== Segment start ==

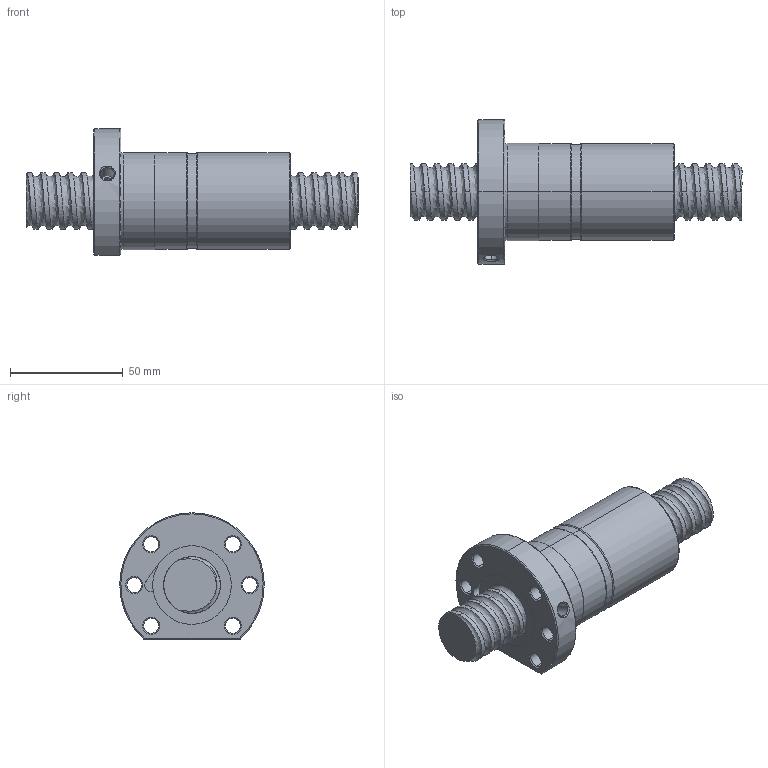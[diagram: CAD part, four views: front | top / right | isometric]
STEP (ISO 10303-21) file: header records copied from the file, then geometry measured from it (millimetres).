
FILE_DESCRIPTION (( 'STEP AP214' ), '1' );
FILE_NAME ('FDDC02506T4-C-B.STEP', '2010-07-07T02:38:27', ( 'XPAUTO' ), ( 'XPAUTO' ), 'SwSTEP 2.0', 'SolidWorks 2007', '' );
FILE_SCHEMA (( 'AUTOMOTIVE_DESIGN' ));
Length unit declared in the file: millimetre
Products named in the file (3): FDDC02506T4-C-B; FDDC02506T4-C-B.sldasm-Part-2_預設; FDDC02506T4-C-B.sldasm-Part-1_預設
Assembly tree (2 placements, depth 2):
  FDDC02506T4-C-B
    FDDC02506T4-C-B.sldasm-Part-2_預設
    FDDC02506T4-C-B.sldasm-Part-1_預設
Bounding box: 147 x 63.99 x 56 mm (x, y, z)
Volume: 160705.9 mm3; surface area: 40885.3 mm2
Topology: 2 solids, 2 shells, 150 faces, 379 edges, 238 vertices
Faces by surface type: cylinder 92, cone 24, plane 20, torus 9, bspline 5
Entity records: 31510 total; most frequent: CARTESIAN_POINT 27963, ORIENTED_EDGE 758, DIRECTION 673, EDGE_CURVE 379, AXIS2_PLACEMENT_3D 272, VERTEX_POINT 238, EDGE_LOOP 171, FACE_OUTER_BOUND 150

== Segment end ==

→ WHAT YOU NEED TO DO
Each record above should be retyped exactly, with no pictures carried over.

→ SOLUTION
[diagram: CAD part, four views: front | top / right | isometric]
STEP (ISO 10303-21) file: header records copied from the file, then geometry measured from it (millimetres).
FILE_DESCRIPTION (( 'STEP AP214' ), '1' );
FILE_NAME ('FDDC02506T4-C-B.STEP', '2010-07-07T02:38:27', ( 'XPAUTO' ), ( 'XPAUTO' ), 'SwSTEP 2.0', 'SolidWorks 2007', '' );
FILE_SCHEMA (( 'AUTOMOTIVE_DESIGN' ));
Length unit declared in the file: millimetre
Products named in the file (3): FDDC02506T4-C-B; FDDC02506T4-C-B.sldasm-Part-2_預設; FDDC02506T4-C-B.sldasm-Part-1_預設
Assembly tree (2 placements, depth 2):
  FDDC02506T4-C-B
    FDDC02506T4-C-B.sldasm-Part-2_預設
    FDDC02506T4-C-B.sldasm-Part-1_預設
Bounding box: 147 x 63.99 x 56 mm (x, y, z)
Volume: 160705.9 mm3; surface area: 40885.3 mm2
Topology: 2 solids, 2 shells, 150 faces, 379 edges, 238 vertices
Faces by surface type: cylinder 92, cone 24, plane 20, torus 9, bspline 5
Entity records: 31510 total; most frequent: CARTESIAN_POINT 27963, ORIENTED_EDGE 758, DIRECTION 673, EDGE_CURVE 379, AXIS2_PLACEMENT_3D 272, VERTEX_POINT 238, EDGE_LOOP 171, FACE_OUTER_BOUND 150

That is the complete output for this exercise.